To compare these, I ran it on a batch of random files (in the “jpg” folder), here are the results:
$ jpegoptim jpg/*jpg -d jpg-optim -s
$ jpegoptim jpg/*jpg -d jpg-optim-95 -s -m 95
$ jpegoptim jpg/*jpg -d jpg-optim-90 -s -m 90
$ jpegoptim jpg/*jpg -d jpg-optim-85 -s -m 80
$ du -sh jpg*
27M jpg
17M jpg-optim
11M jpg-optim-80
13M jpg-optim-90
13M jpg-optim-95
Out of the 27MB worth of JPEG files, lossless optimization already compressed them to 63%, reducing their quality to 95% reduced it further to 48%. These results vary greatly depending on the nature and the size of the images so it’s a good idea to run various tests. Normally 90% provides pretty good results while keeping most of the details intact, especially on high-resolution images.
Optimizing PNG images
There is a command line-utility called “optipng” that is similar to “jpegoptim” in functionality. It recompresses PNG files in a lossless way by optimizing compression and reducing various PNG parameters without compromising image quality, such as maximum number of colors, color palette size. It can also remove meta-information (comments, etc) by adding the “-strip all” parameter.

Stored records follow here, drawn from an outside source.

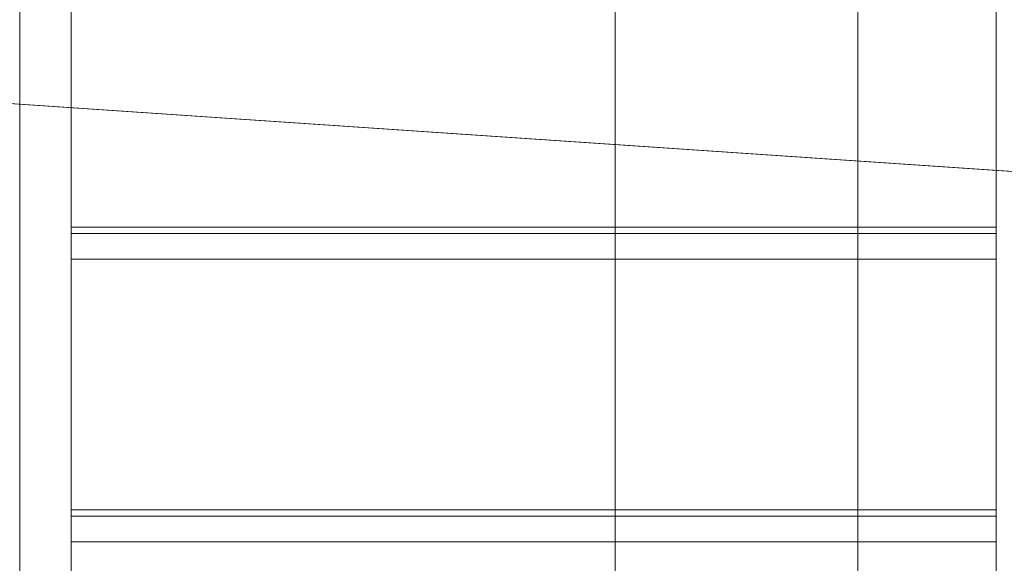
# Model space of a CAD drawing. Header units: inches. Extents: x -774 to 289, y -440 to 407.
# Tile 107 of 256: x -153 to -114, y 96 to 117. Entities that reach past the tile are written whole.
import ezdxf

# ---------------------------------------------------------------- set-up
doc = ezdxf.new("R2010")
doc.units = ezdxf.units.IN
doc.header["$MEASUREMENT"] = 0
for name, color, linetype, lineweight in [('A-FLOR', 192, 'Continuous', 13), ('A-FLOR-HRAL', 11, 'Continuous', 9), ('A-ROOF', 132, 'Continuous', 13), ('A-WALL', 113, 'Continuous', 13), ('L-SITE', 91, 'Continuous', 9), ('S-STRS', 31, 'Continuous', 9)]:
    doc.layers.add(name, color=color, linetype=linetype, lineweight=lineweight)

# ---------------------------------------------------------------- blocks, each defined once
blk = doc.blocks.new('Assembled Stair - ___-313828-_3D_')
at = {"layer": 'S-STRS'}
mesh = blk.add_polyface(dxfattribs=at)
corners = [(-114.555, -13.356, 8.351), (-112.555, -13.356, 8.351), (-112.555, 173.644, 121.684), (-114.555, 173.644, 121.684)]
mesh.append_faces([[corners[k] for k in face] for face in [(0, 1, 2, 3)]])
mesh = blk.add_polyface(dxfattribs=at)
corners = [(-114.555, -13.356), (-114.555, -13.356, 8.351), (-114.555, 173.644, 121.684), (-114.555, 173.644, 107.652), (-114.555, -3.983)]
mesh.append_faces([[corners[k] for k in face] for face in [(3, 1, 2)]], dxfattribs={"vtx0": -1})
mesh.append_faces([[corners[k] for k in face] for face in [(4, 0, 1, 3)]], dxfattribs={"vtx2": -1})
mesh = blk.add_polyface(dxfattribs=at)
corners = [(-114.555, -3.983), (-114.555, 173.644, 107.652), (-112.555, 173.644, 107.652), (-112.555, -3.983)]
mesh.append_faces([[corners[k] for k in face] for face in [(3, 0, 1, 2)]])
blk = doc.blocks.new('Assembled Stair - ___-313827-_3D_')
at = {"layer": 'S-STRS'}
mesh = blk.add_polyface(dxfattribs=at)
corners = [(-152.555, -13.356, 8.351), (-150.555, -13.356, 8.351), (-150.555, 173.644, 121.684), (-152.555, 173.644, 121.684)]
mesh.append_faces([[corners[k] for k in face] for face in [(0, 1, 2, 3)]])
mesh = blk.add_polyface(dxfattribs=at)
corners = [(-152.555, -13.356), (-152.555, -13.356, 8.351), (-152.555, 173.644, 121.684), (-152.555, 173.644, 107.652), (-152.555, -3.983)]
mesh.append_faces([[corners[k] for k in face] for face in [(3, 1, 2)]], dxfattribs={"vtx0": -1})
mesh.append_faces([[corners[k] for k in face] for face in [(4, 0, 1, 3)]], dxfattribs={"vtx2": -1})
mesh = blk.add_polyface(dxfattribs=at)
corners = [(-152.555, -3.983), (-152.555, 173.644, 107.652), (-150.555, 173.644, 107.652), (-150.555, -3.983)]
mesh.append_faces([[corners[k] for k in face] for face in [(3, 0, 1, 2)]])
mesh = blk.add_polyface(dxfattribs=at)
corners = [(-150.555, -13.356, 8.351), (-150.555, -13.356), (-150.555, -3.983), (-150.555, 173.644, 107.652), (-150.555, 173.644, 121.684)]
mesh.append_faces([[corners[k] for k in face] for face in [(0, 1, 2), (3, 4, 0, 2)]], dxfattribs={"vtx2": -1})
blk = doc.blocks.new('Assembled Stair - Run_Internal_-313826-_3D_')
at = {"layer": 'S-STRS'}
mesh = blk.add_polyface(dxfattribs=at)
corners = [(-150.555, 107.644, 80), (-114.555, 107.644, 80), (-114.555, 119.644, 80), (-150.555, 119.644, 80)]
mesh.append_faces([[corners[k] for k in face] for face in [(2, 3, 0, 1)]])
mesh = blk.add_polyface(dxfattribs=at)
corners = [(-150.555, 108.644, 78), (-150.555, 119.644, 78), (-114.555, 119.644, 78), (-114.555, 108.644, 78)]
mesh.append_faces([[corners[k] for k in face] for face in [(2, 3, 0, 1)]])
mesh = blk.add_polyface(dxfattribs=at)
corners = [(-150.555, 107.644, 80), (-150.555, 119.644, 80), (-150.555, 119.644, 78), (-150.555, 108.644, 78), (-150.555, 108.644, 78.25), (-150.555, 107.644, 79.25)]
mesh.append_faces([[corners[k] for k in face] for face in [(2, 3, 4, 1)]], dxfattribs={"vtx2": -1})
mesh.append_faces([[corners[k] for k in face] for face in [(4, 5, 0, 1)]], dxfattribs={"vtx3": -1})
mesh = blk.add_polyface(dxfattribs=at)
corners = [(-114.555, 119.644, 80), (-114.555, 107.644, 80), (-114.555, 107.644, 79.25), (-114.555, 108.644, 78.25), (-114.555, 108.644, 78), (-114.555, 119.644, 78)]
mesh.append_faces([[corners[k] for k in face] for face in [(3, 0, 1, 2)]], dxfattribs={"vtx0": -1})
mesh.append_faces([[corners[k] for k in face] for face in [(3, 4, 5, 0)]], dxfattribs={"vtx3": -1})
mesh = blk.add_polyface(dxfattribs=at)
corners = [(-150.555, 108.644, 78), (-150.555, 108.894, 78), (-150.555, 108.894, 71.333), (-150.555, 108.644, 71.333)]
mesh.append_faces([[corners[k] for k in face] for face in [(0, 1, 2, 3)]])
mesh = blk.add_polyface(dxfattribs=at)
corners = [(-114.555, 108.894, 71.333), (-114.555, 108.644, 71.333), (-150.555, 108.644, 71.333), (-150.555, 108.894, 71.333)]
mesh.append_faces([[corners[k] for k in face] for face in [(0, 1, 2, 3)]])
mesh = blk.add_polyface(dxfattribs=at)
corners = [(-114.555, 108.894, 78), (-114.555, 108.894, 71.333), (-150.555, 108.894, 71.333), (-150.555, 108.894, 78)]
mesh.append_faces([[corners[k] for k in face] for face in [(0, 1, 2, 3)]])
mesh = blk.add_polyface(dxfattribs=at)
corners = [(-114.555, 108.644, 78), (-114.555, 108.894, 78), (-150.555, 108.894, 78), (-150.555, 108.644, 78)]
mesh.append_faces([[corners[k] for k in face] for face in [(0, 1, 2, 3)]])
mesh = blk.add_polyface(dxfattribs=at)
corners = [(-114.555, 108.644, 78), (-114.555, 108.644, 71.333), (-114.555, 108.894, 71.333), (-114.555, 108.894, 78)]
mesh.append_faces([[corners[k] for k in face] for face in [(3, 0, 1, 2)]])
mesh = blk.add_polyface(dxfattribs=at)
corners = [(-150.555, 96.644, 73.333), (-114.555, 96.644, 73.333), (-114.555, 108.644, 73.333), (-150.555, 108.644, 73.333)]
mesh.append_faces([[corners[k] for k in face] for face in [(2, 3, 0, 1)]])
mesh = blk.add_polyface(dxfattribs=at)
corners = [(-150.555, 97.644, 71.333), (-150.555, 108.644, 71.333), (-114.555, 108.644, 71.333), (-114.555, 97.644, 71.333)]
mesh.append_faces([[corners[k] for k in face] for face in [(2, 3, 0, 1)]])
mesh = blk.add_polyface(dxfattribs=at)
corners = [(-150.555, 96.644, 73.333), (-150.555, 108.644, 73.333), (-150.555, 108.644, 71.333), (-150.555, 97.644, 71.333), (-150.555, 97.644, 71.583), (-150.555, 96.644, 72.583)]
mesh.append_faces([[corners[k] for k in face] for face in [(2, 3, 4, 1)]], dxfattribs={"vtx2": -1})
mesh.append_faces([[corners[k] for k in face] for face in [(4, 5, 0, 1)]], dxfattribs={"vtx3": -1})
mesh = blk.add_polyface(dxfattribs=at)
corners = [(-150.555, 108.644, 73.333), (-114.555, 108.644, 73.333), (-114.555, 108.644, 71.333), (-150.555, 108.644, 71.333)]
mesh.append_faces([[corners[k] for k in face] for face in [(0, 1, 2, 3)]])
mesh = blk.add_polyface(dxfattribs=at)
corners = [(-114.555, 108.644, 71.333), (-114.555, 108.644, 78), (-150.555, 108.644, 78), (-150.555, 108.644, 71.333)]
mesh.append_faces([[corners[k] for k in face] for face in [(0, 1, 2, 3)]])
mesh = blk.add_polyface(dxfattribs=at)
corners = [(-150.555, 108.644, 78), (-114.555, 108.644, 78), (-114.555, 108.644, 78.25), (-150.555, 108.644, 78.25)]
mesh.append_faces([[corners[k] for k in face] for face in [(2, 3, 0, 1)]])
mesh = blk.add_polyface(dxfattribs=at)
corners = [(-114.555, 108.644, 78.25), (-114.555, 107.644, 79.25), (-150.555, 107.644, 79.25), (-150.555, 108.644, 78.25)]
mesh.append_faces([[corners[k] for k in face] for face in [(0, 1, 2, 3)]])
mesh = blk.add_polyface(dxfattribs=at)
corners = [(-114.555, 108.644, 73.333), (-114.555, 96.644, 73.333), (-114.555, 96.644, 72.583), (-114.555, 97.644, 71.583), (-114.555, 97.644, 71.333), (-114.555, 108.644, 71.333)]
mesh.append_faces([[corners[k] for k in face] for face in [(3, 0, 1, 2)]], dxfattribs={"vtx0": -1})
mesh.append_faces([[corners[k] for k in face] for face in [(3, 4, 5, 0)]], dxfattribs={"vtx3": -1})
mesh = blk.add_polyface(dxfattribs=at)
corners = [(-114.555, 107.644, 79.25), (-114.555, 107.644, 80), (-150.555, 107.644, 80), (-150.555, 107.644, 79.25)]
mesh.append_faces([[corners[k] for k in face] for face in [(0, 1, 2, 3)]])
mesh = blk.add_polyface(dxfattribs=at)
corners = [(-150.555, 97.644, 71.333), (-150.555, 97.894, 71.333), (-150.555, 97.894, 64.667), (-150.555, 97.644, 64.667)]
mesh.append_faces([[corners[k] for k in face] for face in [(0, 1, 2, 3)]])
mesh = blk.add_polyface(dxfattribs=at)
corners = [(-114.555, 97.894, 64.667), (-114.555, 97.644, 64.667), (-150.555, 97.644, 64.667), (-150.555, 97.894, 64.667)]
mesh.append_faces([[corners[k] for k in face] for face in [(0, 1, 2, 3)]])
mesh = blk.add_polyface(dxfattribs=at)
corners = [(-114.555, 97.894, 71.333), (-114.555, 97.894, 64.667), (-150.555, 97.894, 64.667), (-150.555, 97.894, 71.333)]
mesh.append_faces([[corners[k] for k in face] for face in [(0, 1, 2, 3)]])
mesh = blk.add_polyface(dxfattribs=at)
corners = [(-114.555, 97.644, 71.333), (-114.555, 97.894, 71.333), (-150.555, 97.894, 71.333), (-150.555, 97.644, 71.333)]
mesh.append_faces([[corners[k] for k in face] for face in [(0, 1, 2, 3)]])
mesh = blk.add_polyface(dxfattribs=at)
corners = [(-114.555, 97.644, 71.333), (-114.555, 97.644, 64.667), (-114.555, 97.894, 64.667), (-114.555, 97.894, 71.333)]
mesh.append_faces([[corners[k] for k in face] for face in [(3, 0, 1, 2)]])
mesh = blk.add_polyface(dxfattribs=at)
corners = [(-150.555, 85.644, 66.667), (-114.555, 85.644, 66.667), (-114.555, 97.644, 66.667), (-150.555, 97.644, 66.667)]
mesh.append_faces([[corners[k] for k in face] for face in [(2, 3, 0, 1)]])
mesh = blk.add_polyface(dxfattribs=at)
corners = [(-150.555, 86.644, 64.667), (-150.555, 97.644, 64.667), (-114.555, 97.644, 64.667), (-114.555, 86.644, 64.667)]
mesh.append_faces([[corners[k] for k in face] for face in [(2, 3, 0, 1)]])
mesh = blk.add_polyface(dxfattribs=at)
corners = [(-150.555, 85.644, 66.667), (-150.555, 97.644, 66.667), (-150.555, 97.644, 64.667), (-150.555, 86.644, 64.667), (-150.555, 86.644, 64.917), (-150.555, 85.644, 65.917)]
mesh.append_faces([[corners[k] for k in face] for face in [(2, 3, 4, 1)]], dxfattribs={"vtx2": -1})
mesh.append_faces([[corners[k] for k in face] for face in [(4, 5, 0, 1)]], dxfattribs={"vtx3": -1})
mesh = blk.add_polyface(dxfattribs=at)
corners = [(-150.555, 97.644, 66.667), (-114.555, 97.644, 66.667), (-114.555, 97.644, 64.667), (-150.555, 97.644, 64.667)]
mesh.append_faces([[corners[k] for k in face] for face in [(0, 1, 2, 3)]])
mesh = blk.add_polyface(dxfattribs=at)
corners = [(-114.555, 97.644, 64.667), (-114.555, 97.644, 71.333), (-150.555, 97.644, 71.333), (-150.555, 97.644, 64.667)]
mesh.append_faces([[corners[k] for k in face] for face in [(0, 1, 2, 3)]])
mesh = blk.add_polyface(dxfattribs=at)
corners = [(-150.555, 97.644, 71.333), (-114.555, 97.644, 71.333), (-114.555, 97.644, 71.583), (-150.555, 97.644, 71.583)]
mesh.append_faces([[corners[k] for k in face] for face in [(2, 3, 0, 1)]])
mesh = blk.add_polyface(dxfattribs=at)
corners = [(-114.555, 97.644, 71.583), (-114.555, 96.644, 72.583), (-150.555, 96.644, 72.583), (-150.555, 97.644, 71.583)]
mesh.append_faces([[corners[k] for k in face] for face in [(0, 1, 2, 3)]])
mesh = blk.add_polyface(dxfattribs=at)
corners = [(-114.555, 97.644, 66.667), (-114.555, 85.644, 66.667), (-114.555, 85.644, 65.917), (-114.555, 86.644, 64.917), (-114.555, 86.644, 64.667), (-114.555, 97.644, 64.667)]
mesh.append_faces([[corners[k] for k in face] for face in [(3, 0, 1, 2)]], dxfattribs={"vtx0": -1})
mesh.append_faces([[corners[k] for k in face] for face in [(3, 4, 5, 0)]], dxfattribs={"vtx3": -1})
mesh = blk.add_polyface(dxfattribs=at)
corners = [(-114.555, 96.644, 72.583), (-114.555, 96.644, 73.333), (-150.555, 96.644, 73.333), (-150.555, 96.644, 72.583)]
mesh.append_faces([[corners[k] for k in face] for face in [(0, 1, 2, 3)]])
blk = doc.blocks.new('Assembled Stair - ___-313825-_3D_')
blk.add_blockref('Assembled Stair - Run_Internal_-313826-_3D_', (0, 0))
blk = doc.blocks.new('Non-Monolithic Run - Run_Internal_-313826-_3D_')
at = {"layer": 'S-STRS'}
mesh = blk.add_polyface(dxfattribs=at)
corners = [(-150.555, 107.644, 80), (-114.555, 107.644, 80), (-114.555, 119.644, 80), (-150.555, 119.644, 80)]
mesh.append_faces([[corners[k] for k in face] for face in [(2, 3, 0, 1)]])
mesh = blk.add_polyface(dxfattribs=at)
corners = [(-150.555, 108.644, 78), (-150.555, 119.644, 78), (-114.555, 119.644, 78), (-114.555, 108.644, 78)]
mesh.append_faces([[corners[k] for k in face] for face in [(2, 3, 0, 1)]])
mesh = blk.add_polyface(dxfattribs=at)
corners = [(-150.555, 107.644, 80), (-150.555, 119.644, 80), (-150.555, 119.644, 78), (-150.555, 108.644, 78), (-150.555, 108.644, 78.25), (-150.555, 107.644, 79.25)]
mesh.append_faces([[corners[k] for k in face] for face in [(2, 3, 4, 1)]], dxfattribs={"vtx2": -1})
mesh.append_faces([[corners[k] for k in face] for face in [(4, 5, 0, 1)]], dxfattribs={"vtx3": -1})
mesh = blk.add_polyface(dxfattribs=at)
corners = [(-114.555, 119.644, 80), (-114.555, 107.644, 80), (-114.555, 107.644, 79.25), (-114.555, 108.644, 78.25), (-114.555, 108.644, 78), (-114.555, 119.644, 78)]
mesh.append_faces([[corners[k] for k in face] for face in [(3, 0, 1, 2)]], dxfattribs={"vtx0": -1})
mesh.append_faces([[corners[k] for k in face] for face in [(3, 4, 5, 0)]], dxfattribs={"vtx3": -1})
mesh = blk.add_polyface(dxfattribs=at)
corners = [(-150.555, 108.644, 78), (-150.555, 108.894, 78), (-150.555, 108.894, 71.333), (-150.555, 108.644, 71.333)]
mesh.append_faces([[corners[k] for k in face] for face in [(0, 1, 2, 3)]])
mesh = blk.add_polyface(dxfattribs=at)
corners = [(-114.555, 108.894, 71.333), (-114.555, 108.644, 71.333), (-150.555, 108.644, 71.333), (-150.555, 108.894, 71.333)]
mesh.append_faces([[corners[k] for k in face] for face in [(0, 1, 2, 3)]])
mesh = blk.add_polyface(dxfattribs=at)
corners = [(-114.555, 108.894, 78), (-114.555, 108.894, 71.333), (-150.555, 108.894, 71.333), (-150.555, 108.894, 78)]
mesh.append_faces([[corners[k] for k in face] for face in [(0, 1, 2, 3)]])
mesh = blk.add_polyface(dxfattribs=at)
corners = [(-114.555, 108.644, 78), (-114.555, 108.894, 78), (-150.555, 108.894, 78), (-150.555, 108.644, 78)]
mesh.append_faces([[corners[k] for k in face] for face in [(0, 1, 2, 3)]])
mesh = blk.add_polyface(dxfattribs=at)
corners = [(-114.555, 108.644, 78), (-114.555, 108.644, 71.333), (-114.555, 108.894, 71.333), (-114.555, 108.894, 78)]
mesh.append_faces([[corners[k] for k in face] for face in [(3, 0, 1, 2)]])
mesh = blk.add_polyface(dxfattribs=at)
corners = [(-150.555, 96.644, 73.333), (-114.555, 96.644, 73.333), (-114.555, 108.644, 73.333), (-150.555, 108.644, 73.333)]
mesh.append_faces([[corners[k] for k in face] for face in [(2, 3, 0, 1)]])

To test its effectiveness, I converted all the sample JPG files to PNG then ran “optipng” on them to test its effectiveness:
$ cd jpg; for i in *jpg; do convert $i ../png/${i/.jpg/.png}; done; cd ..
$ optipng -strip all -dir png-opti png/*png
$ dh -sh jpg png png-opti
$ du -sh jpg png png-opti
27M jpg
93M png
91M png-opti
We can see how PNG files are normally waaaaaay bigger than JPGs and optimizing PNGs will often result in marginal (in this case around 4%) file size reduction.
Bonus tip – parallelize processing
When running these commands on a batch of files it can take a long time for them to finish and they’re processing files using one CPU core only. In the age of 4-6-8+ CPU cores it’s possible to quicken this operation by running multiple threads of the same command in parallel by using shell tricks.
We are going it use our “optipng” example above. We need to convert our workflow to run a separate process for each file then parallelize it using “xargs”, so this command:
optipng -strip all png/*png
should be run once for each file instead of letting optipng pick all the files for us:
find png/*png -print0 -type f | xargs -n1 -0 -P8 optipng -strip all -dir png-opti2
This first part of the command (find) will create a list of files and output them in a safe format (null-terminated), the second part (xargs) takes that list (in the same null-terminated format) and runs one optipng process for each line (filename) in parallel, while keeping the maximum number of parallel processes at 8.
This way it will run 8 streams of optipng commands, each one processing one png file at a time, reducing the total processing time 8-fold on an 8 core CPU.